The Automotive industry in Kenya is primarily involved in the assembly, retail and distribution of motor vehicles. There are a number of motor vehicle dealers operating in the country.

Local automotive companies

Kenya is currently attempting to completely build its own cars. After building its first car in the late 80's (the Nyayo Car), Kenya has a shot at the industry with Mobius Motors, which was founded in 2009. with KIBO Africa Limited, motorcycles have been rolling out from this local manufacturer.

Nyayo

Mobius Motors

Challenges
The established dealers face intense competition from imported second-hand vehicles, mainly from Japan and United Arab Emirates.

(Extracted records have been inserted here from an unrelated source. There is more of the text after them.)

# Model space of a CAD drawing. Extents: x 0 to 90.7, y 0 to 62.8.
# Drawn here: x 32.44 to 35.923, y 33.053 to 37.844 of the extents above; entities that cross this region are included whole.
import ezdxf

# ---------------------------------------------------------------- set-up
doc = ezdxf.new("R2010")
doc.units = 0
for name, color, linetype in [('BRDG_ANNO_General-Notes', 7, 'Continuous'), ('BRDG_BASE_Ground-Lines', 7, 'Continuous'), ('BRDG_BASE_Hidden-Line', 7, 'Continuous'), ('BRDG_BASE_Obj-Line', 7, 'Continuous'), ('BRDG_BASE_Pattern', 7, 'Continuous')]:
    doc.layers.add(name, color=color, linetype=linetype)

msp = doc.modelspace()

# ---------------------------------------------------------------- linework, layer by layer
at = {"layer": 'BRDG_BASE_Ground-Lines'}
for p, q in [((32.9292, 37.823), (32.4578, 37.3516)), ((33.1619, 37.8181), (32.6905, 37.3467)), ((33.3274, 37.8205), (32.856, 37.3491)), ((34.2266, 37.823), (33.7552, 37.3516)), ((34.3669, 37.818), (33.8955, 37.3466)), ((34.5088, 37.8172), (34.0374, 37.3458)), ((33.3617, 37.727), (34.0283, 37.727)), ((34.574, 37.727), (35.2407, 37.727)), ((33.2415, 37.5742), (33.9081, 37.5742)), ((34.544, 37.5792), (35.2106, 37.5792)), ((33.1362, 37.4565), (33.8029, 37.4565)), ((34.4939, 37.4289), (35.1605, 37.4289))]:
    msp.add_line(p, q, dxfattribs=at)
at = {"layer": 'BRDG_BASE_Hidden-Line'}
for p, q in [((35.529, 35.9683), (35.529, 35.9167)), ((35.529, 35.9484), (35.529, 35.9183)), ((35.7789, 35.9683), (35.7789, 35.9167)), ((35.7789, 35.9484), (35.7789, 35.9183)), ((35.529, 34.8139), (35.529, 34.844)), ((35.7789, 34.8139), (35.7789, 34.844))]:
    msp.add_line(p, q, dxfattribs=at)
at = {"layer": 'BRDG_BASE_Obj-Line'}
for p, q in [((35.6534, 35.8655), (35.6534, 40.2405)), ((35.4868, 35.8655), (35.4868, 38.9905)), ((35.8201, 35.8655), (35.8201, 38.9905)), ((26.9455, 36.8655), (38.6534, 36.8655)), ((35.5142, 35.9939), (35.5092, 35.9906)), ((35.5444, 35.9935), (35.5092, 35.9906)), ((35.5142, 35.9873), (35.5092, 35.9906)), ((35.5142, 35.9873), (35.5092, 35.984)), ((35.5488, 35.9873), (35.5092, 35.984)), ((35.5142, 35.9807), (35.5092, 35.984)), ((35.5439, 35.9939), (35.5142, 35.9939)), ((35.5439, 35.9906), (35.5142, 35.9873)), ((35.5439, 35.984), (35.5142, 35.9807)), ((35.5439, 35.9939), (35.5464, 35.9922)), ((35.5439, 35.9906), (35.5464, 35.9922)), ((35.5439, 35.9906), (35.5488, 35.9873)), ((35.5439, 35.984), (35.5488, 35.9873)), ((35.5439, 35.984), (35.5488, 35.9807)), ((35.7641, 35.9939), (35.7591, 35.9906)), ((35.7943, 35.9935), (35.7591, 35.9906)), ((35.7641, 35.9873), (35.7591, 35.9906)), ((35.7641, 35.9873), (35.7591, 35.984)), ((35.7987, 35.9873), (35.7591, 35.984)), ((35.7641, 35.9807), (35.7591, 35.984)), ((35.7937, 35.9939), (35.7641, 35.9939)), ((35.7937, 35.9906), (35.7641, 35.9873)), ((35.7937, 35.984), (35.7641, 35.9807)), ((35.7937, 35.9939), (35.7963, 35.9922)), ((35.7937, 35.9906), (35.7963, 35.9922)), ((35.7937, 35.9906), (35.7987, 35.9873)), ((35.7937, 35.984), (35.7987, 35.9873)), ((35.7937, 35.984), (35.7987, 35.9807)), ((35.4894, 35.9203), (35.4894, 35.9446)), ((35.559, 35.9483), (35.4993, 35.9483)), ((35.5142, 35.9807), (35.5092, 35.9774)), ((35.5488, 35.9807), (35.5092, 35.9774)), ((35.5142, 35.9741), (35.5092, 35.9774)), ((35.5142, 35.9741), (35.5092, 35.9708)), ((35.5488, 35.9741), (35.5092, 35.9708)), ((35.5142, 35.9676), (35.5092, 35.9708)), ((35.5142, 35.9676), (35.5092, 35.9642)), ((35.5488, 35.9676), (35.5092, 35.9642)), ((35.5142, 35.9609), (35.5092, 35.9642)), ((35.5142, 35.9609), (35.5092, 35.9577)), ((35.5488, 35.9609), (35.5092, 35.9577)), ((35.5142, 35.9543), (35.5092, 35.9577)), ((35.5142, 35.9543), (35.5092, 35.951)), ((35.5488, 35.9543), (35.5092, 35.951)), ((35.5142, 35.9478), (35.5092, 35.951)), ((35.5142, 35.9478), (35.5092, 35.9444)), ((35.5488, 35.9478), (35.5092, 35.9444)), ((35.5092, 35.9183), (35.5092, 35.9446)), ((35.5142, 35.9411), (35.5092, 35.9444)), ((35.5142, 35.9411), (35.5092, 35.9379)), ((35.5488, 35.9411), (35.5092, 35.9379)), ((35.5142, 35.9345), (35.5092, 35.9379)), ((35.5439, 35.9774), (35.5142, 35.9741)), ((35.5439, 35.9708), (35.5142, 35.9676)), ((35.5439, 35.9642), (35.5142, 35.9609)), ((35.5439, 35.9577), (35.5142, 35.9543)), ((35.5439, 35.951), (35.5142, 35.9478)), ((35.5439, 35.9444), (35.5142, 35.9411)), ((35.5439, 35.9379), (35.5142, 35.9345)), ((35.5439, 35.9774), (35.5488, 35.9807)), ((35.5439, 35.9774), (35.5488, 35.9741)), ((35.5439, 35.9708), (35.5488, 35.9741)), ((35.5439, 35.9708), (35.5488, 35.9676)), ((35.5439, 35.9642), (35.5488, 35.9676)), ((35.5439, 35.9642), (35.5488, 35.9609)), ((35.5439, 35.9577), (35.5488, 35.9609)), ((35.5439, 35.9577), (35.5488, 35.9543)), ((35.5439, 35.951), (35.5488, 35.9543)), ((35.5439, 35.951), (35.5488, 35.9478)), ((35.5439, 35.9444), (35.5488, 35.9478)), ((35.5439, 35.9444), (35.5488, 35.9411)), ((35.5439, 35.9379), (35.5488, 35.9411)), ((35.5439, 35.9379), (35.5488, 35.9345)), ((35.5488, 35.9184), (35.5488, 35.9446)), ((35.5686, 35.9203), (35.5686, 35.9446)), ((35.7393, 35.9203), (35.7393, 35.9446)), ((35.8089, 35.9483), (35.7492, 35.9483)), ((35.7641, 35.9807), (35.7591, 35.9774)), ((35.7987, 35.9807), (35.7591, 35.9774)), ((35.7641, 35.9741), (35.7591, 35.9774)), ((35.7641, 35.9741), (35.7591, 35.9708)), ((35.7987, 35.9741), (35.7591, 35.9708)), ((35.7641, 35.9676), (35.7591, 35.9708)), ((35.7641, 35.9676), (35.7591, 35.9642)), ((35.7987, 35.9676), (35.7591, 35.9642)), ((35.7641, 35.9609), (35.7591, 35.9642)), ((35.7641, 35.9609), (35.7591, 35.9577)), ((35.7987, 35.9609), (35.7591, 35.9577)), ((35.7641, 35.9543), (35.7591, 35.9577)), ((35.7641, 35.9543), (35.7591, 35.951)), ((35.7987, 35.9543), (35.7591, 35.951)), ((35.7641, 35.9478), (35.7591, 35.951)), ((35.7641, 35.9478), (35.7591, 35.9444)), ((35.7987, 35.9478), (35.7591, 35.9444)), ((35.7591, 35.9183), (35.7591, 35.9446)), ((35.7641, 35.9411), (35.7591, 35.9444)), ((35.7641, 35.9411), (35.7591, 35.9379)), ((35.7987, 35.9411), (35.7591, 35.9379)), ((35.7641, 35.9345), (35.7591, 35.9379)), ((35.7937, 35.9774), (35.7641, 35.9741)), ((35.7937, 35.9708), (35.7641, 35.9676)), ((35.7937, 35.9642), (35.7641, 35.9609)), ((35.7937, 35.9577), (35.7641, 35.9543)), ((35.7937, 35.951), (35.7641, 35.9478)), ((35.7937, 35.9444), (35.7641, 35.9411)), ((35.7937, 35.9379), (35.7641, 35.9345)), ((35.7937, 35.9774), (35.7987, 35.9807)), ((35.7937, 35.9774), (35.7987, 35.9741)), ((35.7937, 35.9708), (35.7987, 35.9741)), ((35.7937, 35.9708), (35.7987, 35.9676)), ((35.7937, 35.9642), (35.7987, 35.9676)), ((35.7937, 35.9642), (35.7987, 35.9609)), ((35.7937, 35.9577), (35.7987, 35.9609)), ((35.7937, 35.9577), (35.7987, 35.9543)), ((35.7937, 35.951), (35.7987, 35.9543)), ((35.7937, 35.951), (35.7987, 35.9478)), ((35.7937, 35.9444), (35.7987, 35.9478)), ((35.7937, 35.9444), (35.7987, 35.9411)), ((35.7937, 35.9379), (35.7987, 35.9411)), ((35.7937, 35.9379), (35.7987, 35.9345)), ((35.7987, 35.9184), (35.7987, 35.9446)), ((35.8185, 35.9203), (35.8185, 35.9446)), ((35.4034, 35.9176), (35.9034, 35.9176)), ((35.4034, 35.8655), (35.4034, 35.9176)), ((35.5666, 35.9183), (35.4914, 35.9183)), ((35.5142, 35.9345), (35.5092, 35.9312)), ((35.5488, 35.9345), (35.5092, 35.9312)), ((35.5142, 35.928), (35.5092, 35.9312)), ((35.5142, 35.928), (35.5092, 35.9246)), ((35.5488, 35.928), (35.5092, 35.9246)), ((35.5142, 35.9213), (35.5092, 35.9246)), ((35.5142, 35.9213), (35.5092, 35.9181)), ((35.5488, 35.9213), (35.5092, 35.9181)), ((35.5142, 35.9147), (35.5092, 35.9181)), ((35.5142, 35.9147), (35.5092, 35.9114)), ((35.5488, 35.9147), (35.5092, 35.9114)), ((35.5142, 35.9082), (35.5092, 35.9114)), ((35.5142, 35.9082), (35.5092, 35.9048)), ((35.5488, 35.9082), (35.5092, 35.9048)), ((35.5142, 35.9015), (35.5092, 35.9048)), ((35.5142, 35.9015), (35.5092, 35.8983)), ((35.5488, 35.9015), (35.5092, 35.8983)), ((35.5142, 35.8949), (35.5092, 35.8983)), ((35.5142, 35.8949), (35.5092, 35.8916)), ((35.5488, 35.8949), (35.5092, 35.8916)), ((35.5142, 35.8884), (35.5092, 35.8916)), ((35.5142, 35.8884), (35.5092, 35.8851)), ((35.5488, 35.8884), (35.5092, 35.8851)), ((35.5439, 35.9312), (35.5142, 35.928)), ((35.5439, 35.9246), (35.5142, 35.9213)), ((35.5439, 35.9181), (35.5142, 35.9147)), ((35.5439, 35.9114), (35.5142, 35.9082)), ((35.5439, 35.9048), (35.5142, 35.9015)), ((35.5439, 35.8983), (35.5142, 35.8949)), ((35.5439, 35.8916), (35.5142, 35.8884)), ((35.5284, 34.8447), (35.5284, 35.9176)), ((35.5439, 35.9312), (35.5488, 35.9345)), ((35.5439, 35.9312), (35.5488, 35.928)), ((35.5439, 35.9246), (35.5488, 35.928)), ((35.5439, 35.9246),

Another issue is that there is more demand for second-hand vehicles rather than new ones because Kenya is generally a lower middle-income country. Thus, Mobius Motors was established to provide low cost cars at about KES. 1,100,000 (US$11,000).

In the beginning of 2019, the Government of Kenya proposed to implement a National Automotive Policy which effectively would see an eventual ban on imports of second hand passenger and commercial vehicles. However, this was faced with stiff resistance from the used car industry with the government eventually having to suspend their push to change the regulations on 7 May 2019.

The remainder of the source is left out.